= Stewart Shining =

American photographer

Stewart Shining is a New York City-based photographer of contemporary actors, musicians, and models. His work has appeared in Vanity Fair, Mademoiselle, Interview, Vogue, Allure, GQ and Seventeen. He has worked on ad campaigns for Abercrombie & Fitch, Victoria's Secret, J. Crew, Ralph Lauren, Express, The Gap and Calvin Klein. In 2001, he photographed Elsa Benítez, Luján Fernández, Daniela Peštová, and Shakara Ledard for the Sports Illustrated Swimsuit Issue, and one of his photos of Benítez was selected for the cover. He has continued to participate as a regular photographer for the annual Swimsuit Issue and shot for the "body painting" feature for 2011.

==Biography==
Shining was born in 1964 to Streeter and Barbara Shining, and grew up in Rapid City, South Dakota. Shining said he started taking pictures when he was 12 years old after purchasing a second hand 35 mm camera. His parents encouraged his pursuit of photography by building him a darkroom in their home. He graduated in 1982 from Central High School in Rapid City, and received a bachelor of fine arts degree in photography from Parsons School of Design in 1986. After his graduation from Parsons, he worked as an assistant for Bill King and then Bruce Weber. Shining said he learned "the art of photography" from Weber, and King gave him a "sensible business perspective".

==Career==
His work has appeared in numerous publications, including: Vanity Fair, Mademoiselle, Interview, Vogue, Allure, GQ Seventeen, Out Magazine and has produced numerous covers for Rolling Stone magazine including covers in back to back months in 2002. He has also had numerous cover shots for Lucky, Self and Glamour. He has shot a pre-teen Natalie Portman, and photographed Drew Barrymore when she was named People Magazine's 2007 "World's Most Beautiful Person". Other subjects he has worked with include: Evangeline Lilly, Pink, Bridget Hall, Keira Knightley, and Alessandra Ambrosio. In 2008, Shining took Alicia Keys' publicity shots for As I Am, and also in 2008 his photos of Rachel Bilson appeared in Lucky. In 2012, a photograph of Michelle Obama taken by Shining was featured on the cover of Essence's book A Salute to Michelle Obama, and in 2014 he photographed Hillary Clinton for a cover of People Magazine. In 2021, his first book was released, titled Alessandra by Stewart Shining which featured never before seen images of Alessandra Ambrosio. One of Shining's favorite photos occurred on assignment in Phuket, Thailand when a model jumped in the rain-pelted ocean.
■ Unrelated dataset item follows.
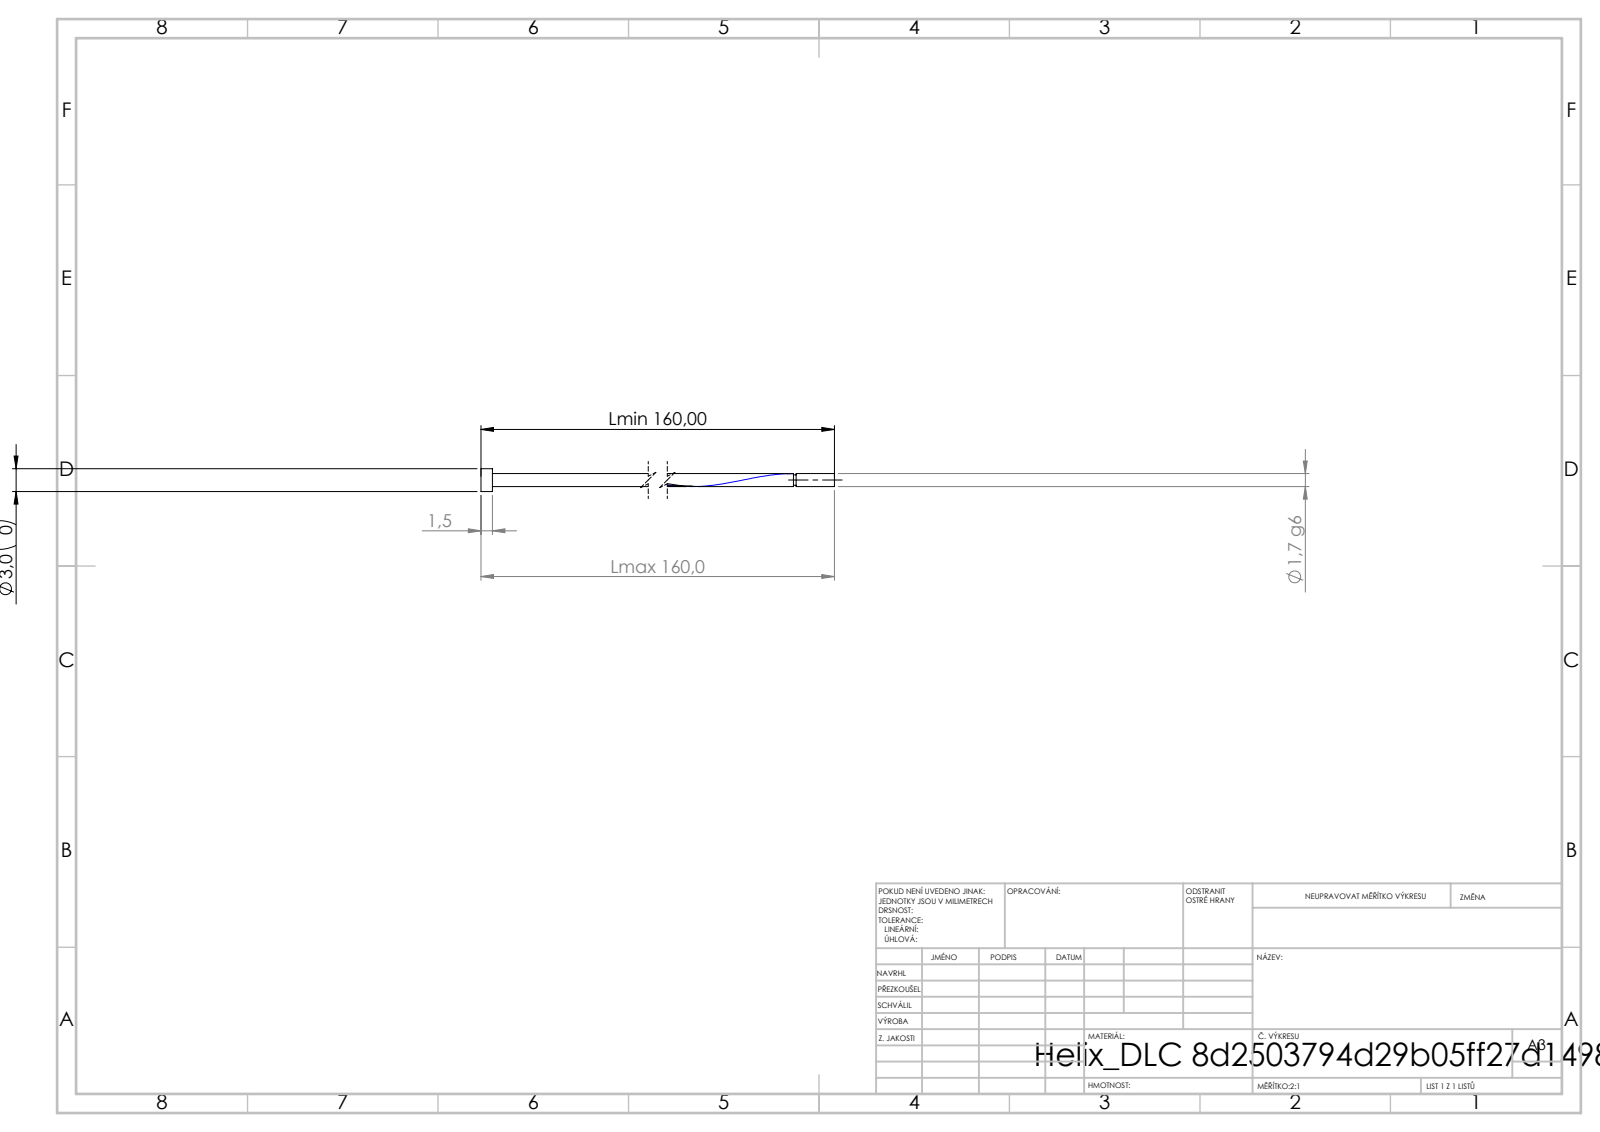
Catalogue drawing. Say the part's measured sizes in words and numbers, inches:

He has worked on ad campaigns for Abercrombie & Fitch, Victoria's Secret, J. Crew, Ralph Lauren, Express, The Gap and Calvin Klein.

Shining serves on the Robert Mapplethorpe Foundation, and is the president of ACRIA. He has volunteered to take photographs on behalf of the Heart Gallery of New Jersey to help children find adoptive parents.